Specifically, that a pretty face compels men to spend their
money!

A recent Canadian study reveals that after seeing pictures of
attractive women (as determined by a popular Website that rates
people’s attractiveness), male subjects were more likely to want
an immediate monetary payoff – rather than wait for a 31%
greater payday just one week later. Pictures of fancy cars and
other enticements did NOT spur men to want to cash in
immediately – only the pretty girls. The reason, according to
the study’s authors, is that money in the hand signifies the
ability to impress and woo women in the here and now, tomorrow
be damned.

Even though the prospect of getting nearly a third MORE money
just 7 days later makes eminently more sense from a financial
standpoint, it obviously equates on some subconscious level to
being too late to “get the girl.” Apparently, the bulk of men
must perceive that by next week, someone else with a full wallet
will have snatched her up already.
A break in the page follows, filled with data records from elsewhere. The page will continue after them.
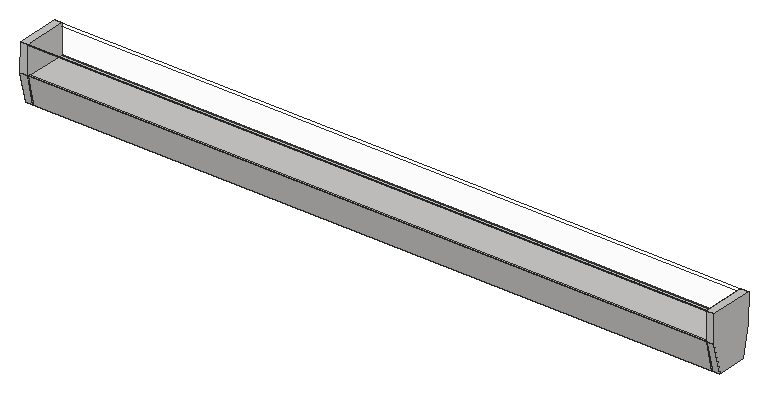
Revit family "67L-S-SQ", category Lighting Fixtures, host Face, Revit 2021
Family settings
  Host = Face
  Round Connector Dimension = Use Diameter
  Part Type = Normal
  OmniClass Number = 23.80.70.11
  OmniClass Title = Luminaries for Internal Lighting
  Cut with Voids When Loaded = No
  Light Source = Yes
  Shared = Yes
  Room Calculation Point = No
Parameters (values of type "Note 67L-Textured Matte White")
  Width = 48.000"
  Watts = 4.5 W
  Wattage Comments = "550 to 1800 lumens/ft"  # constant formula
  Wattage = 4.5 W
  built-in parameter 1150110 = 1 (stored number, unit not read)
  Voltage = 120 V
  URL = "https://www.currentlighting.com/litecontrol"
  Type Comments = "Lighting Fixture"  # constant formula
  built-in parameter 1114217 = 1 (stored number, unit not read)
  Tilt Angle = -90.00°
  built-in parameter 1150109 = 1 (stored number, unit not read)
  built-in parameter 1150134 = (empty or 0)
  built-in parameter 1150113 = 1 (stored number, unit not read)
  Reflector Finish = White Glass
  Product Page URL = ""
  Product Material = Paint -  Textured Matte White
  Product Documentation Link = ""
  Power Factor = 1
  Photometric Web File = "67L-S-D-4-4-BL-C1-35K-D055.IES"
  Photometric Notes = "Photometric web files Download in below link"  # constant formula
  Model = "67L-S-Square"  # constant formula
  Manufacturer = "Litecontrol"  # constant formula
  built-in parameter 1150105 = 43.33 (stored number, unit not read)
  Lumens = 544.5 lm
  built-in parameter 1150115 = 1 (stored number, unit not read)
  Load Classification = Lighting
  built-in parameter 1150137 = (empty or 0)
  built-in parameter 1150139 = (empty or 0)
  built-in parameter 1150112 = 1 (stored number, unit not read)
  built-in parameter 1150114 = 1 (stored number, unit not read)
  Lamp = "LED"  # constant formula
  built-in parameter 1150132 = (empty or 0)
  built-in parameter 1150102 = (empty or 0)
  built-in parameter 1150107 = 3500 (stored number, unit not read)
  built-in parameter 1150138 = (empty or 0)
  built-in parameter 1150106 = 0.4333 (stored number, unit not read)
  Frequency = 60 Hz  # constant formula
  Emit from Rectangle Width = 2.000"
  Emit from Rectangle Length = (Width - 1.000")  # 47.000"
  Emit Shape Visible in Rendering = no
  built-in parameter 1150104 = 11.241 (stored number, unit not read)
  Dimming Lamp Color Temperature Shift = <None>
  Description = "The NOTE 67L Surface brings direct illumination, performance and versatility, all within a slim profile and a fresh, contemporary style"  # constant formula
  Default Elevation = 48.000"
  Contact Us = ""
  Color Filter = 16777215
  built-in parameter 1114218 = 1 (stored number, unit not read)
  built-in parameter 1150133 = 10 (stored number, unit not read)
  Assembly Code = "D5020200"
  Apparent Load = 0 VA
Types (7): name | Product Material
  (no name) | Paint -  Textured Matte White
  Note 67L-Textured Matte White | Paint -  Textured Matte White
  Note 67L-Matte White | Paint -  Matte White
  Note 67L-Light Silver | Paint - Light Silver
  Note 67L-Machined Aluminium | Paint - Machined Aluminum
  Note 67L-Carbon Black | Paint - Carbon Black
  Note 67L-Textured Camera Black | Paint -  Textured Camera Black
Reference planes (in)
  plane 1 "Center (Front/Back)": y = 0
  plane 2: z = 0
  plane 3 "Center (Left/Right)": x = 0
  plane 4: z = 2.5
Dimensions and locks (in)
  plane 4 to host face = 2.500"
  aligned and locked: plane 2 to host face
  aligned and locked: level to host face
  aligned and locked: imposter light to plane 4
  aligned and locked: plane 1 "Center (Front/Back)" to nested 1
  aligned and locked: plane 3 "Center (Left/Right)" to nested 1
Nested families (in)
  nested 1: "Square" at (2.04767, -0.03999, 0), Row Length <- "Width", Glass <- "Reflector Finish", Backbox <- "Product Material", type "Square"
    with Row Length 48.000", Glass White Glass, Backbox Paint -  Textured Matte White
Connectors (in)
  electrical at (0, 0.00195, 0), driven by "Load Classification", driven by "Voltage", driven by "Apparent Load", driven by "Power Factor"
    settings: on nested 1, index 1, voltage 120 V, apparent load 0 VA, apparent load phase1 0 VA, apparent load phase2 0 VA, apparent load phase3 0 VA, power factor 1, load classification "Lighting", number of poles 1, system type 30, power factor state 1, is connector primary yes, connector utility no, sub classification motor no, connector description "Lighting Connector"
Definition of nested family "Square"
  Parameters
    Wattage Comments = ""
    URL = ""
    Row Length [instance] = 24.000"
    Product Page URL = ""
    Product Documentation Link = ""
    Model = ""
    Manufacturer Phone = ""
    Manufacturer Fax = ""
    Manufacturer = ""
    Lamp = ""
    Glass [instance] = none
    Description = ""
    Default Elevation = 48.000"
    Backbox [instance] = none
  Reference planes (in)
    plane 1 "Center (Front/Back)": y = 0.03999
    plane 2: z = 0
    plane 3 "Center (Left/Right)": x = -2.04767
    plane 4: x = -14.04767
    plane 5: x = 9.95233
    plane 6: x = -13.54767
    plane 7: x = 9.45233
    plane 8: z = 3.9375
    plane 9: y = -1.46001
    plane 10: y = 1.53999
    plane 11: y = 1.03999
    plane 12: y = -0.96001
    plane 13: z = 1.98438
  Forms (in)
    Extrusion 1, solid
      sketch origin (0, 0, 0.06357) x (1, 0, 0) y (0, 1, 0)
        loop
          line (-48, 48) -> (-48, -48) -> (48, -48) -> (48, 48) -> (-48, 48)
      from -0.06357 to -6.47428
    Extrusion 2, solid, material <- "Backbox"
      sketch origin (-2.04767, 0, 0) x (0, 1, 0) y (0, 0, 1)
        loop
          line (-0.96001, 0) -> (1.0439, 0) -> (1.53999, 1.98437) -> (1.53999, 3.9375) -> (-1.4561, 3.9375) -> (-1.4561, 1.98437) -> (-0.96001, 0)
      from 11.5 to 12
    Extrusion 3, solid, material <- "Backbox"
      sketch origin (-2.04767, 0, 0) x (0, 1, 0) y (0, 0, 1)
        loop
          line (-0.96001, 0) -> (1.0439, 0) -> (1.53999, 1.98437) -> (1.53999, 3.9375) -> (-1.46001, 3.9375) -> (-1.46001, 2) -> (-0.96001, 0)
      from -11.5 to -12
    Extrusion 4, solid, material <- "Glass"
      sketch origin (-2.04767, 0, 0) x (0, 1, 0) y (0, 0, 1)
        loop
          line (1.53999, 3.9375) -> (-1.46001, 3.9375) -> (-1.46001, 1.98438) -> (-1.33501, 1.98438) -> (-1.33501, 3.8125) -> (1.41499, 3.8125) -> (1.41499, 1.98438) -> (1.53999, 1.98438) -> (1.53999, 3.9375)
      from -11.5 to 11.5
    Extrusion 5, solid, material <- "Backbox"
      sketch origin (-2.04767, 0, 0) x (0, 1, 0) y (0, 0, 1)
        loop
          line (-0.96001, 0) -> (1.0439, 0) -> (1.53999, 1.98437) -> (-1.4561, 1.98437) -> (-0.96001, 0)
      from -11.5 to 11.5
  Dimensions and locks (in)
    equal spacing: plane 5, plane 3 "Center (Left/Right)", plane 4
    plane 6 to plane 4 = 0.500"
    "Row Length": plane 5 to plane 4
    equal spacing: plane 7, plane 3 "Center (Left/Right)", plane 6
    plane 8 to Extrusion 1 = 3.9375"
    locked: plane 1 "Center (Front/Back)" to plane 9 at 1.5
    locked: plane 13 to Extrusion 1 at 1.98438
    locked: plane 10 to plane 9 at 3
    locked: plane 11 to plane 12 at 2
    aligned and locked: plane 2 to Extrusion 1
    aligned and locked: level to Extrusion 1
    aligned and locked: plane 5 to Extrusion 2
    aligned and locked: Extrusion 2 to plane 7
    aligned and locked: plane 7 to Extrusion 5
    aligned and locked: Extrusion 5 to plane 6
    aligned and locked: Extrusion 3 to plane 4
    aligned and locked: plane 6 to Extrusion 3
    aligned and locked: Extrusion 5 sketch curve to level
    aligned and locked: Extrusion 5 to Extrusion 3 sketch curve
    aligned and locked: Extrusion 2 sketch curve to Extrusion 3  (x3)
    aligned and locked: Extrusion 4 to plane 6
    aligned and locked: plane 7 to Extrusion 4
    aligned and locked: Extrusion 3 to Extrusion 2 sketch curve
    aligned and locked: plane 13 to Extrusion 5
    aligned and locked: Extrusion 3 sketch curve to plane 10
    aligned and locked: Extrusion 3 sketch curve to plane 8
    aligned and locked: Extrusion 3 sketch curve to plane 9
    aligned and locked: Extrusion 2 sketch curve to Extrusion 5
    aligned and locked: Extrusion 2 sketch curve to plane 10
    aligned and locked: Extrusion 4 sketch curve to plane 10
    aligned and locked: Extrusion 4 sketch curve to plane 8
    aligned and locked: Extrusion 4 sketch curve to plane 9
    aligned and locked: Extrusion 4 sketch curve to plane 13
  Automatic sketch dimensions
    Extrusion 1 sketch curve to Extrusion 1 sketch curve = 96.000"  (x2)
    Extrusion 5 sketch curve to plane 12 = 0.000"
    Extrusion 5 sketch curve to plane 10 = 0.000"
    Extrusion 5 sketch curve to plane 9 = 0.00391"
    plane 11 to Extrusion 5 sketch curve = 0.00391"
    Extrusion 5 sketch curve to plane 8 = 1.95312"
    Extrusion 3 sketch curve to plane 12 = 0.000"
    Extrusion 3 sketch curve to plane 13 = 0.000"
    plane 11 to Extrusion 3 sketch curve = 0.00391"
    plane 13 to Extrusion 3 sketch curve = 0.01562"
    Extrusion 4 sketch curve to plane 10 = 0.125"
    Extrusion 4 sketch curve to plane 8 = 0.125"
    Extrusion 4 sketch curve to plane 13 = 0.000"
    Extrusion 4 sketch curve to Extrusion 4 sketch curve = 0.125"

Regrettably, this research
doesn’t prove what women want in a man (could any study pin this
down?), only what men THINK women are looking for in a mate

And as usual when it comes to the fairer sex, we’re probably
wrong.

Interestingly enough, none of the study’s female subjects
registered an increase in desire for immediate cash after
viewing pictures of male eye candy. Some might read this as
evidence that men are naturally SUPPOSED to pay for things
during a courtship, even in this age of the “liberated” woman.

I just think it means women are smarter with their money.